Another domain where Putin is entirely receptive to misinformation supplied by a self-serving bureaucracy is in the area of military buildup and readiness (Ezhednevny Zhurnal, April 16). He was loath to postpone this year’s extravagant Victory Day military parade on Red Square. Nonetheless, he reassured that all rearmament programs will be executed, no matter what. Such guarantees ring hollow for those familiar with Russia’s deep economic problems and sound like bad news for all those expecting greater state investment in the degraded public health system (Izvestia, May 9). Reports about tests of a new super-capable S-500 surface-to-air missile system may bring joy to some militaristically minded individuals, but the majority of Russians want to hear more about the testing of COVID-19 vaccines (Nezavisimaya Gazeta, May 10).

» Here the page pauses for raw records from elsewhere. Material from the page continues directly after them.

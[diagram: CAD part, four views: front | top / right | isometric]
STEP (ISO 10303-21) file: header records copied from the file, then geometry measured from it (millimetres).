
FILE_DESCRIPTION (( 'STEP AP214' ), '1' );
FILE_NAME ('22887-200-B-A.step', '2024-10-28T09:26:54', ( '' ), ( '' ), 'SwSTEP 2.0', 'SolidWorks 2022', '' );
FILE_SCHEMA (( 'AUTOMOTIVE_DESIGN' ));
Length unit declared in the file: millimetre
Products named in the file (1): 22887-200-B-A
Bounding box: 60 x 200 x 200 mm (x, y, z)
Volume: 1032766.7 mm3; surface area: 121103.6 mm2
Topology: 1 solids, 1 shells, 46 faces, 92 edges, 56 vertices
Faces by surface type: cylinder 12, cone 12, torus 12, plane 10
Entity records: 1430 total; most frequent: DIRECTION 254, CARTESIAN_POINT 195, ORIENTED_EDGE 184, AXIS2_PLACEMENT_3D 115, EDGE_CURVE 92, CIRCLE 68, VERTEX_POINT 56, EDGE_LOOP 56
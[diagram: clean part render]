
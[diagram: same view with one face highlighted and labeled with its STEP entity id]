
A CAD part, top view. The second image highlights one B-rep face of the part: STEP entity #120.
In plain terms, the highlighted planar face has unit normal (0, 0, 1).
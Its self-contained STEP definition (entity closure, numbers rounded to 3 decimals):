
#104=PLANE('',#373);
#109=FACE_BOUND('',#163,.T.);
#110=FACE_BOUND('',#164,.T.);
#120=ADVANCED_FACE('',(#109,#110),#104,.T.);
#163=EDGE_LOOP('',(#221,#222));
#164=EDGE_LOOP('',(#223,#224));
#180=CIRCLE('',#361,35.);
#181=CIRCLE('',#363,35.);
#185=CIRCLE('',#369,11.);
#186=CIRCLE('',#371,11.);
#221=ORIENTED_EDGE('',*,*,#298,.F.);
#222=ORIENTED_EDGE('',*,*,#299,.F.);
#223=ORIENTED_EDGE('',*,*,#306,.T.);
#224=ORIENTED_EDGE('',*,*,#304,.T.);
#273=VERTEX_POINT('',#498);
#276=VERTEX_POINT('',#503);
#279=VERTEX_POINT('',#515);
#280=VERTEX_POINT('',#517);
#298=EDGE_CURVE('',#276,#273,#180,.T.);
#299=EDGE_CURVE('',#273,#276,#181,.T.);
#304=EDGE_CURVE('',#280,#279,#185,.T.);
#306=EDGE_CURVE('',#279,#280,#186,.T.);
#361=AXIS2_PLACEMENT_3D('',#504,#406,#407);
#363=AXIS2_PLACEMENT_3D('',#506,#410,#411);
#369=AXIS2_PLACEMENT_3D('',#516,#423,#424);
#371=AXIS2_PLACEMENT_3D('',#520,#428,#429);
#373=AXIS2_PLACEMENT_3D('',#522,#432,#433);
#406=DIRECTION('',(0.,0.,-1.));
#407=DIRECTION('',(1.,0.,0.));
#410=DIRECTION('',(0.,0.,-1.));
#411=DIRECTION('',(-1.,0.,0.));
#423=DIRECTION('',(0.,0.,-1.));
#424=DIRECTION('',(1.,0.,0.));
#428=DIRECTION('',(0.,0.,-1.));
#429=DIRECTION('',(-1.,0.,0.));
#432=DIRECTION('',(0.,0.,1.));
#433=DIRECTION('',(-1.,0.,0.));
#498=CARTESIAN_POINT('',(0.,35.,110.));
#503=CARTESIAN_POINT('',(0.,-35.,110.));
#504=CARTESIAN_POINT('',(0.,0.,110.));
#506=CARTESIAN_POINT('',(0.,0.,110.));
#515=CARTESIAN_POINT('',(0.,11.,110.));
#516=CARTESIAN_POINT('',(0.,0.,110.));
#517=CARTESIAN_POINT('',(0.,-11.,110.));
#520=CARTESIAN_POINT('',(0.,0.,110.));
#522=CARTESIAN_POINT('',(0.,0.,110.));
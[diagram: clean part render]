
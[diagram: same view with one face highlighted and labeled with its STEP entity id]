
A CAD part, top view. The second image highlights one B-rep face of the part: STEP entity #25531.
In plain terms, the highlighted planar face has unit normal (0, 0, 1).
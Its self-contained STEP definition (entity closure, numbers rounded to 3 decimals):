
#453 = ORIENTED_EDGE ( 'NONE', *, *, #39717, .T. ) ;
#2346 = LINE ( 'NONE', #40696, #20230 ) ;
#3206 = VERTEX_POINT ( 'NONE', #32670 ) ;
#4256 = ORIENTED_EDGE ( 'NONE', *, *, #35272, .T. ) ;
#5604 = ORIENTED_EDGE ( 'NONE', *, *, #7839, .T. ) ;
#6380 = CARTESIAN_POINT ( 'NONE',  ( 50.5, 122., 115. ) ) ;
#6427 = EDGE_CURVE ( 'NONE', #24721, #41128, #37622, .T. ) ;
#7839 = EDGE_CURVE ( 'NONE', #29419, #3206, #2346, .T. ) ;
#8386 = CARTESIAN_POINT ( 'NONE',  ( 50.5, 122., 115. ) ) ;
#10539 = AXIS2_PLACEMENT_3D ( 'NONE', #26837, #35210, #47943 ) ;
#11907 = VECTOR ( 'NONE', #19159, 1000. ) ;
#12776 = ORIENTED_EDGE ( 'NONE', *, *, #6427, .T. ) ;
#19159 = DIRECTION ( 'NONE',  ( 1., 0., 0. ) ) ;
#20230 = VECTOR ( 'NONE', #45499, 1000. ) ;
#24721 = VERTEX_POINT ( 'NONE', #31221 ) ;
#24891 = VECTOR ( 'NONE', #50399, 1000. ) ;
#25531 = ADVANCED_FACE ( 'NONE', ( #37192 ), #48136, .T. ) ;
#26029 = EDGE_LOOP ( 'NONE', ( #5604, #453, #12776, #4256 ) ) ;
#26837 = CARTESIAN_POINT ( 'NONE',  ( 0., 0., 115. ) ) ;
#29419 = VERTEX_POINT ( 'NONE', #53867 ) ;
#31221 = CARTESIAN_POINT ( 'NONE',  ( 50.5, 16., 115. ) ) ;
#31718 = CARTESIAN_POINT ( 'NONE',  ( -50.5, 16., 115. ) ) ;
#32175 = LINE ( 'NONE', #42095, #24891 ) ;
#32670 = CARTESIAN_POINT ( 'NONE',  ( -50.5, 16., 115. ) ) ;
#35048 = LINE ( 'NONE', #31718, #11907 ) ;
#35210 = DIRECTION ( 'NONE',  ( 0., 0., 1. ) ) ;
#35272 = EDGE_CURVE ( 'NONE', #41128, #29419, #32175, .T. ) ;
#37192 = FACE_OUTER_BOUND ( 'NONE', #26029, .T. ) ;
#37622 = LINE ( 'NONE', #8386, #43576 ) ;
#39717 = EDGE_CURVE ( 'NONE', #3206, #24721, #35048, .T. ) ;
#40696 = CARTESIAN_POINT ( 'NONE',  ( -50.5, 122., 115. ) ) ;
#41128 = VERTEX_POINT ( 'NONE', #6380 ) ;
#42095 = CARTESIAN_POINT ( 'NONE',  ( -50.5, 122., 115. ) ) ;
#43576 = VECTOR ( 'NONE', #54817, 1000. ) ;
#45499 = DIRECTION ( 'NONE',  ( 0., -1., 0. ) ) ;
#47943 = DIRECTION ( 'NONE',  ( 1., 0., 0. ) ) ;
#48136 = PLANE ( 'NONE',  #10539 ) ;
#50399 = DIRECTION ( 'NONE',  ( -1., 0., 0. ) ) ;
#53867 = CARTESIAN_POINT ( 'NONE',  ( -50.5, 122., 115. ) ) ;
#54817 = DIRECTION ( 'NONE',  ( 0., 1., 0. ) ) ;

Worries about dissipating public support for the rulers—who show insufficient concern about the plight of their “subjects”—have prompted the top political managers in the Kremlin to quietly push through new legislation on electoral procedures (Newsru.com, May 15). The easing of rules allowing for postal and electronic voting might appear justified by the concerns about the ongoing pandemic; but in fact, it opens new opportunities for the state to falsify election results (Novaya Gazeta, May 14). Liberal politicians argue that the parliamentary elections in autumn 2021 are now fated to turn into a senseless farce, but that is exactly what Putin’s spin-doctors ordered (Moscow Echo, May 15). Mobilizing real public enthusiasm for the plan legitimizing the indefinite prolongation of the ageing autocrat’s rule is seen as too expensive; however, executing this plan against the background of widespread political indifference looks entirely feasible (Carnegie.ru, May 13).
It may appear—and probably does to the Kremlin court—that the manipulation of information further secures state control over the political space. But in fact, it denies the authorities access to knowledge about crucially important processes. Actionable data, for instance on the real mortality rate of the severe pandemic, is not hidden away in some top-secret files; it simply does not exist. Facts that do not fit the official discourse on Russia’s unique oil and energy wealth are dismissed, evidence of rot in the superior military might is suppressed, and any signals that challenge the myth of Putin’s unshakable popularity and absolute indispensability are silenced. At the start of the year, this resolute departure from the reality of looming crisis seemed to reflect a winning strategy for the reform-rejecting regime; but the arrival of the massive multifaceted crisis has cracked the mirrors of imagined stability. The instinct of self-preservation should prevail over the authorities’ habits of self-deception and dictate a curtailing of grand ambitions, but it is by no means clear it will.